= Items from a data source =
= = =

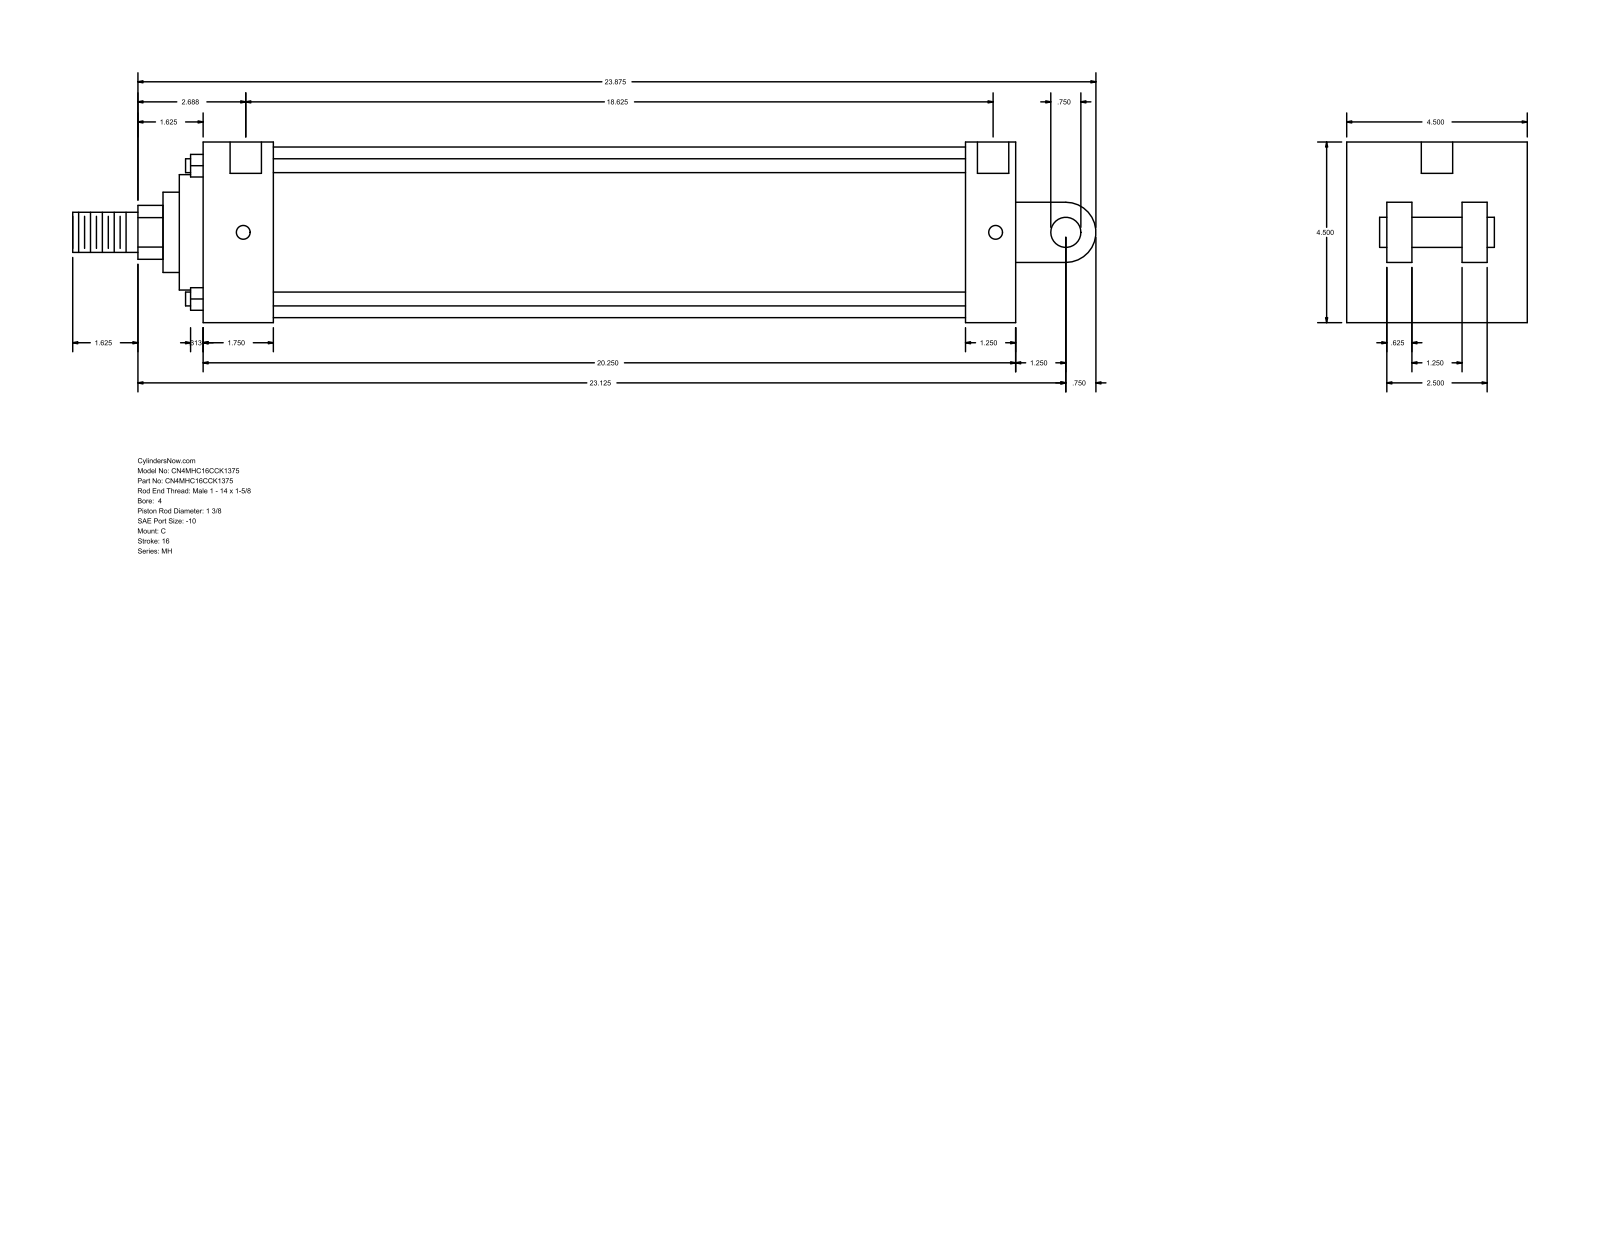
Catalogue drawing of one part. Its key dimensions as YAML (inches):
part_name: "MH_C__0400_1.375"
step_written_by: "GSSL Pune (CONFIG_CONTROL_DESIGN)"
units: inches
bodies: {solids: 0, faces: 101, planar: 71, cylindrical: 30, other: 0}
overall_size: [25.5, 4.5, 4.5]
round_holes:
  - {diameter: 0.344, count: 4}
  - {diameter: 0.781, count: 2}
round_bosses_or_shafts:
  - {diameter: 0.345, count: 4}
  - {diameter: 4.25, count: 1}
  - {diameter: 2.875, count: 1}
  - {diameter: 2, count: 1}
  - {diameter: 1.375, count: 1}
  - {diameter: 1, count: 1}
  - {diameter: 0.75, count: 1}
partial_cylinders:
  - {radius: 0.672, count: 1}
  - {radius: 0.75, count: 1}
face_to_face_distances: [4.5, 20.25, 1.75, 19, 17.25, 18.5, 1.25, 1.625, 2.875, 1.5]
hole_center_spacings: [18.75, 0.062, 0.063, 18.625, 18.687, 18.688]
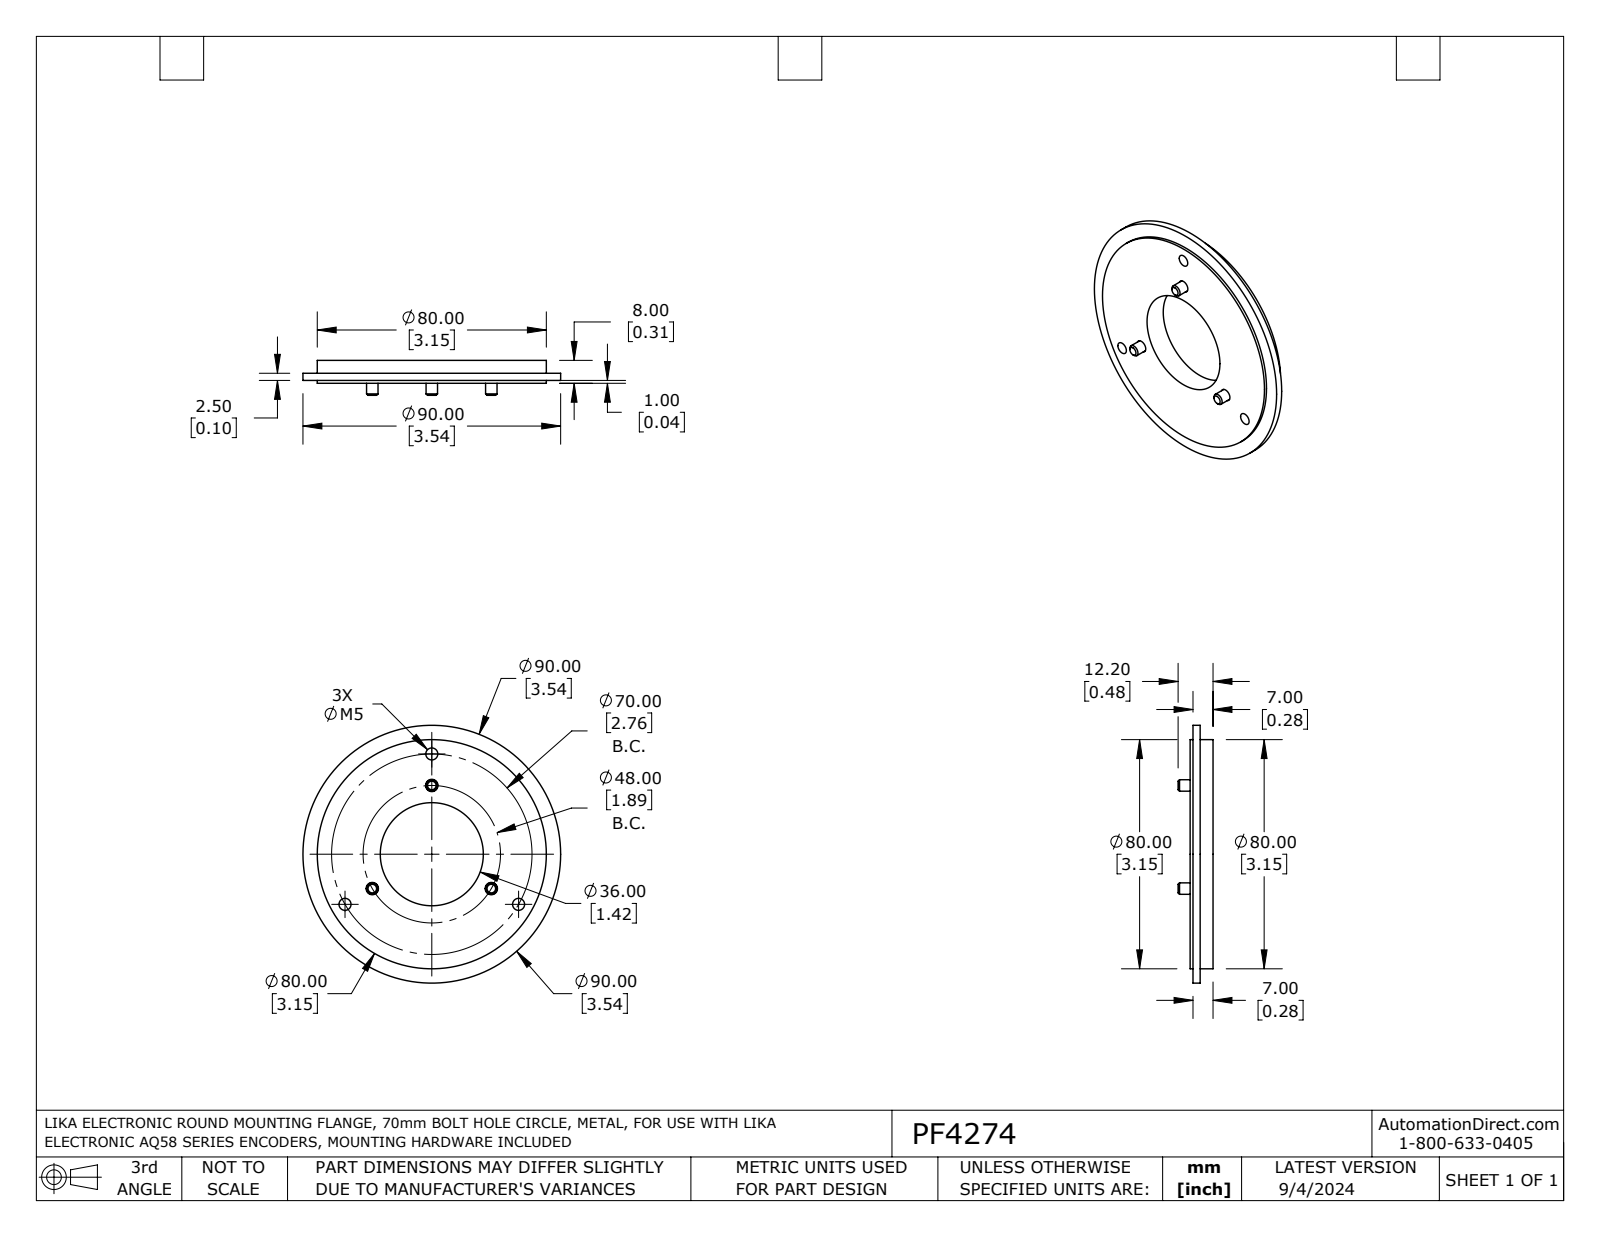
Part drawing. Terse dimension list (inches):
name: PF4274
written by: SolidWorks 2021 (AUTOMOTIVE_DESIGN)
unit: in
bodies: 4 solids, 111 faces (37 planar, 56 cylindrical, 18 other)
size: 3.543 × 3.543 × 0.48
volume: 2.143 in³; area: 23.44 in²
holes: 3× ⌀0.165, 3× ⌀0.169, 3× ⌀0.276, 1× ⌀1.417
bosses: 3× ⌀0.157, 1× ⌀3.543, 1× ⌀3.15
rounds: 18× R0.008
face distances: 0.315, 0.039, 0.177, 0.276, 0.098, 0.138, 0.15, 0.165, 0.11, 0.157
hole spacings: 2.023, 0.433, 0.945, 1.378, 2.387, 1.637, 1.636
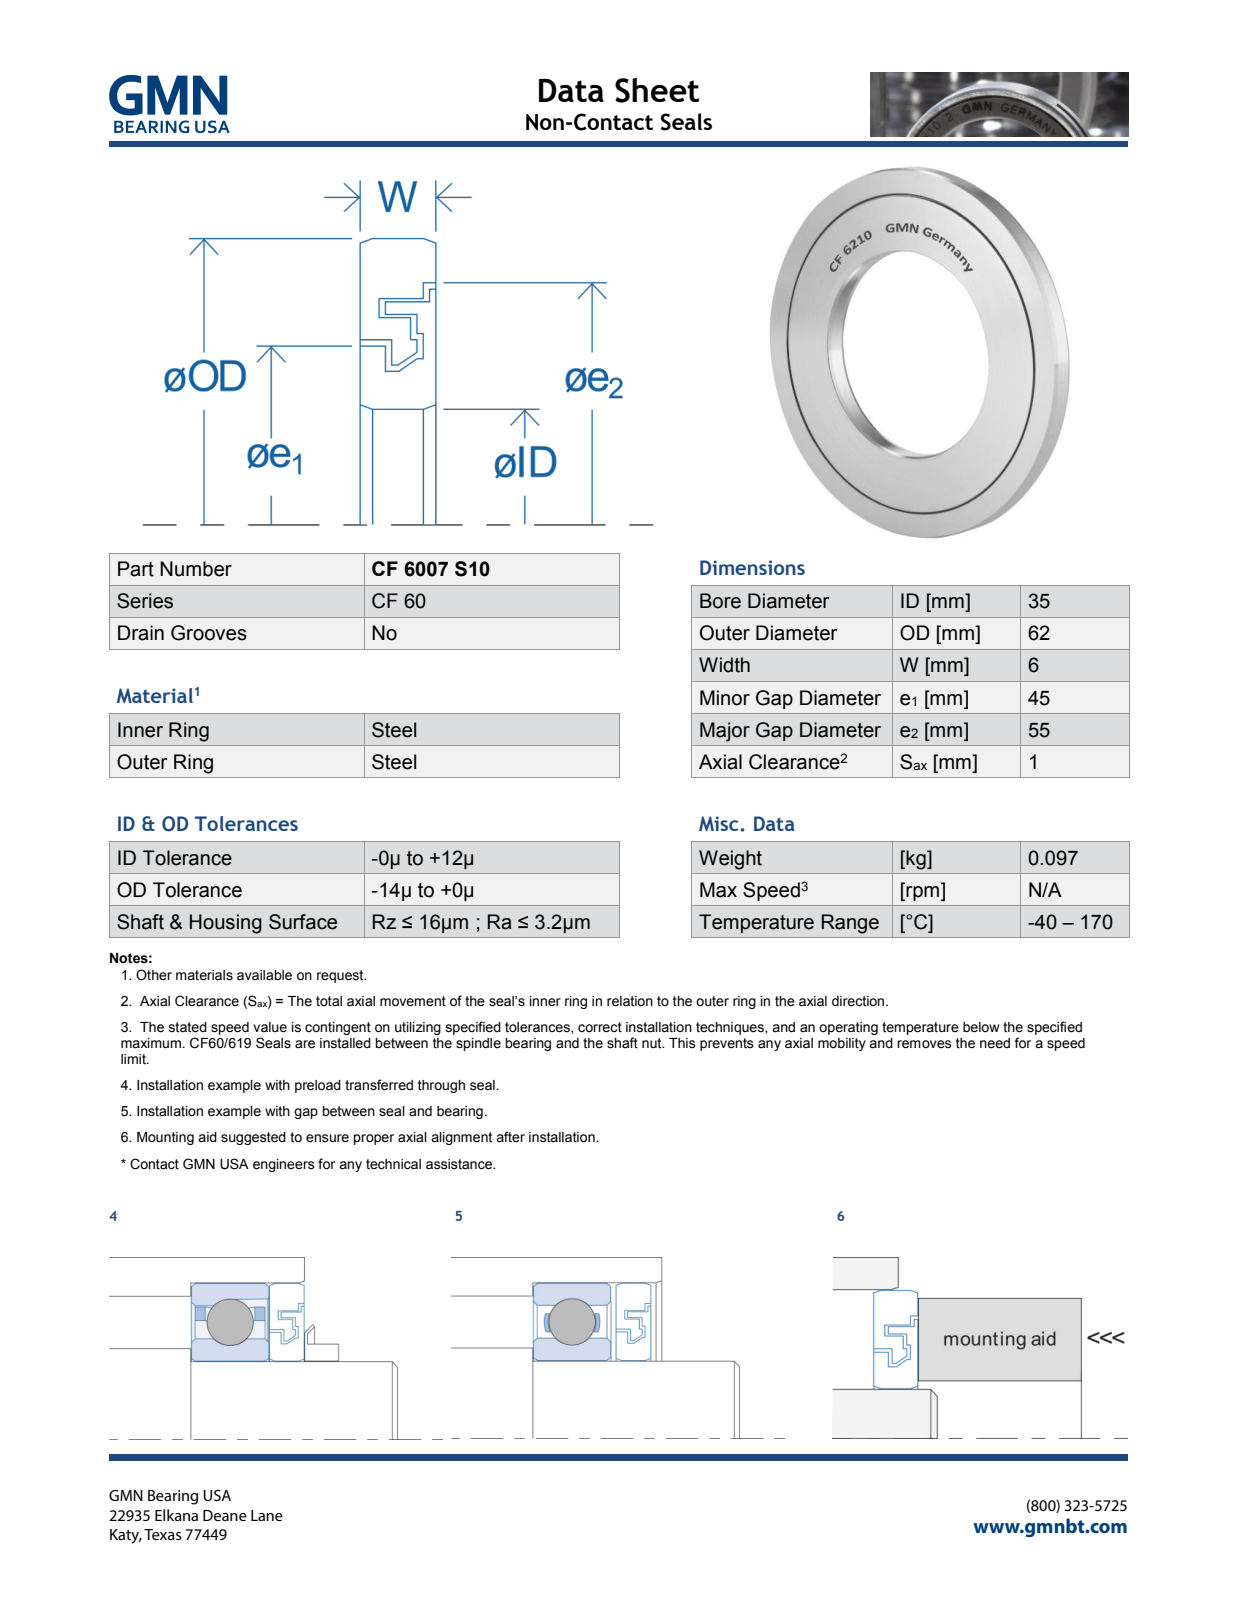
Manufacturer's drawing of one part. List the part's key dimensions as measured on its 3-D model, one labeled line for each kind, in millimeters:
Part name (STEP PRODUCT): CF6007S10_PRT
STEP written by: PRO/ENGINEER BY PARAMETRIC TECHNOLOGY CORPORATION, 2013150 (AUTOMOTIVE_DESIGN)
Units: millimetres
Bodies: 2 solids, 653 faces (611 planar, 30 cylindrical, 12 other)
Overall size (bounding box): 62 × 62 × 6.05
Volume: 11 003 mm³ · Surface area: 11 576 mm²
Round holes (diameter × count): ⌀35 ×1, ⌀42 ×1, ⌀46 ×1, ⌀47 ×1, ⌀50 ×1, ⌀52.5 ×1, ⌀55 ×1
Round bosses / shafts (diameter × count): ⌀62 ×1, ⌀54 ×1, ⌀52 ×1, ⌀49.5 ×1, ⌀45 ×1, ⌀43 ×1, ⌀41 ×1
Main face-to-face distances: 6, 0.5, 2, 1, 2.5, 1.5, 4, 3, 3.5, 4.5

= = =

= EXERCISE DESCRIPTION =
Return every line of the entries above that the string "inches" appears in.

= RESPONSE AREA =
Catalogue drawing of one part. Its key dimensions as YAML (inches):
units: inches
Part drawing. Terse dimension list (inches):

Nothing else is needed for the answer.